Residents on the outskirts of Preston are embroiled in a battle with “cheeky” commuters using their cul-de-sac as a de facto car park.

Angry complaints to the neighbourhood policing team from residents in Tower Green, Fulwood, which is in the northern part of Preston, have led to PCSOs erecting signs warning drivers it’s illegal to park on the pavement.

Such is the ire of some, exasperated by the daily arrival of commuters, that they have resorted to monitoring their own street and confronting those who leave their cars in the way.

The campaign was kickstarted by Tower Green resident Lee, who claimed the issue has been rumbling on for 14 years.

Lee, taking matters into his own hands, said he places notes on cars and takes pictures of repeat offenders.

He told LancsLive: “It’s got to the point where if I’m going out I have to move one car and then put our other in its space otherwise within a matter of minutes it would be taken.

“We’ve complained to everyone; the police, the council, councillors, but the only possible solution, they say, is making the road a permit zone. If they did that then we’d have to pay £300 a year for it and why should we have to pay to park outside our own homes?”

Single or double yellow lines would also force residents to have to park elsewhere. However, Lee posited whether making Tower Green an “access only” road, meaning only residents could park there, would solve the problem too.

While most residents recognise that many of the parkers are staff at the nearby hospital, Lee believes staff that work elsewhere are using the road to park.

He said: “There was one woman who parked here and she works at a nursery.
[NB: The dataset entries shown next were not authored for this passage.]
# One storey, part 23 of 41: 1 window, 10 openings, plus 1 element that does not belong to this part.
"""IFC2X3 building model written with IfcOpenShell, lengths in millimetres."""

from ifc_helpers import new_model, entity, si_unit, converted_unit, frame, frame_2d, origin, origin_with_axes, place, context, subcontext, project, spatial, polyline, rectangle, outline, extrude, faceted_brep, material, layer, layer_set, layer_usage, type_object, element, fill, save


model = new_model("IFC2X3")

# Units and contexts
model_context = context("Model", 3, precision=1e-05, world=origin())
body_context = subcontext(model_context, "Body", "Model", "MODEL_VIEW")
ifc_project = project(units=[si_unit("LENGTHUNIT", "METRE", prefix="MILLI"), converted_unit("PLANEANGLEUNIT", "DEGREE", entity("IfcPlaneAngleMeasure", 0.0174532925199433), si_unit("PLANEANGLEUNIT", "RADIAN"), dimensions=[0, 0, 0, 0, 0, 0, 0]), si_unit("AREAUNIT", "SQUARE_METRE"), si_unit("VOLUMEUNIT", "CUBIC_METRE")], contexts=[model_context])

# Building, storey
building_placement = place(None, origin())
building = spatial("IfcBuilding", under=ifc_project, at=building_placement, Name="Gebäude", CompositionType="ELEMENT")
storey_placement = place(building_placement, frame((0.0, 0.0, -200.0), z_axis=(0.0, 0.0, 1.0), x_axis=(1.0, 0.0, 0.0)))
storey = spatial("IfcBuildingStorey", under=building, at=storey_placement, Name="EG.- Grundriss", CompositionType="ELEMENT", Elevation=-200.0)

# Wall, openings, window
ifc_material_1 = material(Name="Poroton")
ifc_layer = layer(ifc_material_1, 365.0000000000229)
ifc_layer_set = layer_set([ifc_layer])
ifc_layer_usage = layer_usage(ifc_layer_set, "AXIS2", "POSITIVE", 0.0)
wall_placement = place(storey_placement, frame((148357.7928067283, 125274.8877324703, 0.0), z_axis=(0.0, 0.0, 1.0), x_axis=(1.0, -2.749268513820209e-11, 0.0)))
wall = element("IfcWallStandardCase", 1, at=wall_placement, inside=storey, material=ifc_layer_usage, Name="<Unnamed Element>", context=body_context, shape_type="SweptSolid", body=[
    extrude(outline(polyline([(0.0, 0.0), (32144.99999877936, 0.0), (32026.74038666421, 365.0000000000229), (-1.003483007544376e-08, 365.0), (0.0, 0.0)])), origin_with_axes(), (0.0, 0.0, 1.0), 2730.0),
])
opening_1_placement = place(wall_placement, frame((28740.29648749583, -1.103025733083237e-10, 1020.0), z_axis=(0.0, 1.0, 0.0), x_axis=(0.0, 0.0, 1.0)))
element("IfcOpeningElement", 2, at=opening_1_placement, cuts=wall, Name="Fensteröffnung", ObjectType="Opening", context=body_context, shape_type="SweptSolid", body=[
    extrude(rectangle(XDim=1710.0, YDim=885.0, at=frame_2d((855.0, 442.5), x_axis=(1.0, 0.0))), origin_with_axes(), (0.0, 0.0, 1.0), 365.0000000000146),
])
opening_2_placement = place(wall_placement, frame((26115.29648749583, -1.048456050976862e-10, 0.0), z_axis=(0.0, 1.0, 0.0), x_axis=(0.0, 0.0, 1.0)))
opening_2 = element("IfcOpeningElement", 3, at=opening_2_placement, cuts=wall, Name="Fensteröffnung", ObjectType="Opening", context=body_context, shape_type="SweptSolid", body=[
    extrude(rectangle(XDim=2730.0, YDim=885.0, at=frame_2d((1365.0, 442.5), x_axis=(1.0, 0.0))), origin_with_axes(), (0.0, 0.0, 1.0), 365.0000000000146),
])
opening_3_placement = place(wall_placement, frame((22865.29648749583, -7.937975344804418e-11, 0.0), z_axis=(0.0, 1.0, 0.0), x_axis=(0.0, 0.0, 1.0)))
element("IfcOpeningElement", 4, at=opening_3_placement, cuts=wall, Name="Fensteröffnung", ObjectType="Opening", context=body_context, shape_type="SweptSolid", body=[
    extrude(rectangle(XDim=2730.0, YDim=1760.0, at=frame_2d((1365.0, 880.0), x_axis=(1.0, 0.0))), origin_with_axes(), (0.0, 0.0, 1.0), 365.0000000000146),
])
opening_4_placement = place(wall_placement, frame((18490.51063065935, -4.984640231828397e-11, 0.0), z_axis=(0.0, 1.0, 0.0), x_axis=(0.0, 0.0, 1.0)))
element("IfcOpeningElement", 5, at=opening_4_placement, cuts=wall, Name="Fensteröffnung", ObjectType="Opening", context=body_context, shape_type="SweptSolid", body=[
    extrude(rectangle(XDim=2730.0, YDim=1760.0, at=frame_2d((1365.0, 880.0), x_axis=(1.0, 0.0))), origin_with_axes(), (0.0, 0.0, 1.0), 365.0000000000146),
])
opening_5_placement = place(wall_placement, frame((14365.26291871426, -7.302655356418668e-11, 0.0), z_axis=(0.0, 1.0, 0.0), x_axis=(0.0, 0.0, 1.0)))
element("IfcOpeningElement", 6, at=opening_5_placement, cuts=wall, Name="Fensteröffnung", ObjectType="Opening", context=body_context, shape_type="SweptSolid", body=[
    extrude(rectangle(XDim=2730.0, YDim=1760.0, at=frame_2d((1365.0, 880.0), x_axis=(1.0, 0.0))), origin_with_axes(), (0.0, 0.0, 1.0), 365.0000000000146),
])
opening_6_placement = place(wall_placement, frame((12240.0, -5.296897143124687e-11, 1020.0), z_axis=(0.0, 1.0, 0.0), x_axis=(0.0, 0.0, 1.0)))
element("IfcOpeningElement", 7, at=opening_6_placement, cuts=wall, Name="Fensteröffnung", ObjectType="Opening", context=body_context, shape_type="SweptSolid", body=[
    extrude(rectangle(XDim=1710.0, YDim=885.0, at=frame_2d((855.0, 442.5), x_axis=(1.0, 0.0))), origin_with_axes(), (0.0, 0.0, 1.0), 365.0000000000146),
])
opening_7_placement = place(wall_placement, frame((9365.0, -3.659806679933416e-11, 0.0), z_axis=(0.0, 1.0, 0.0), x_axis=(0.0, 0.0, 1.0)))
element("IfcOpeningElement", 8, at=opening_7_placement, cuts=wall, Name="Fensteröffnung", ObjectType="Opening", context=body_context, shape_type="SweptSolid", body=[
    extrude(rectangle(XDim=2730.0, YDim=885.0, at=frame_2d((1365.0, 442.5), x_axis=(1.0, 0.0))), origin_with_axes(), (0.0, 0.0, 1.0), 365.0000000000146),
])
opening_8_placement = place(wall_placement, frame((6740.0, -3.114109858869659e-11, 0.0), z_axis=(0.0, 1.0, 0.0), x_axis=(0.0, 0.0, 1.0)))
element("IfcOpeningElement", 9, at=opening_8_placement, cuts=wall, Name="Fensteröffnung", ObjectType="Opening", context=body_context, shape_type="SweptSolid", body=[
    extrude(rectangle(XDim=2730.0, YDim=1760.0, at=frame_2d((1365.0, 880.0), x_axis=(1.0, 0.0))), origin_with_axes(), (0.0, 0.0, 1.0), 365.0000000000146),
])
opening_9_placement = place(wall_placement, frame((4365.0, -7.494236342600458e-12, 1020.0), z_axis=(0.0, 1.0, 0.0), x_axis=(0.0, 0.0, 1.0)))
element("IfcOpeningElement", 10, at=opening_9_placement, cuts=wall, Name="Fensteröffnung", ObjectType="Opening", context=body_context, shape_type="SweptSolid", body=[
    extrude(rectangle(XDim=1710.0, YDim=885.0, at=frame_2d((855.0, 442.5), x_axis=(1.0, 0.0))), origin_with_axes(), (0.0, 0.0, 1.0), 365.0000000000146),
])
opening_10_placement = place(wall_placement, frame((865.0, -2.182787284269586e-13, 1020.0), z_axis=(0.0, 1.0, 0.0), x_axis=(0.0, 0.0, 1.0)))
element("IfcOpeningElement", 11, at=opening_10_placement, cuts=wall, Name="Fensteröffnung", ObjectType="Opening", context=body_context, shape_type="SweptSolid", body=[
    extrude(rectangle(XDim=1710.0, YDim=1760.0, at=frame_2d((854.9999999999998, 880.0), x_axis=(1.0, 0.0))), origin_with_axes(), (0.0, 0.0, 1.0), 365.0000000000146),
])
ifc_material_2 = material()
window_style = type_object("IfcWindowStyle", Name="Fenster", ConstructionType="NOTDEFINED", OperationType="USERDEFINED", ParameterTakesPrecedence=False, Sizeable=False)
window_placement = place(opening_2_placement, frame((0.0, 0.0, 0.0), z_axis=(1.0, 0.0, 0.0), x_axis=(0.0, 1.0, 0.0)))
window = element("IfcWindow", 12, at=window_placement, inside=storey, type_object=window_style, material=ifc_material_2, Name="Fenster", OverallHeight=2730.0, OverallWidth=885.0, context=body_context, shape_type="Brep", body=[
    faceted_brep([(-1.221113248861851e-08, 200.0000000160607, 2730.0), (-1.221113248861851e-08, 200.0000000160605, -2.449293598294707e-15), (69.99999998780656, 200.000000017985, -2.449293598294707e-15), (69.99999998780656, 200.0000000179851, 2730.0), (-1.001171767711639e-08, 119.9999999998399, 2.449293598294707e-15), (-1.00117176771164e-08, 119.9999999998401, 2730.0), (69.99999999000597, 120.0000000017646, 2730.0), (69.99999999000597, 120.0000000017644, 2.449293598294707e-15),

I explained to her that she was blocking the pavement but she just walked away.

“Then some time later someone from that nursery was pushing a large buggy to fit four children in it and she complained about having to go onto the road. You couldn’t make it up.”

The local publication visited Tower Green and on the day they arrived the cul-de-sac was lined with parked cars, making it challenging to drive through when another car was coming in the opposite direction.

One woman, who told the publication she had lived there for 27 years, said: “Today is a good day”.

Local resident, John, who walks his dog down the road, said that at the end of the working day, when many of those who have parked there head home, “it’s like Moses leading the slaves out of Egypt”.

He added: “There’s this mass exodus as all the cheeky buggers walk back to their cars and then go home. Evenings and weekends make it feel like a ghost town in comparison.”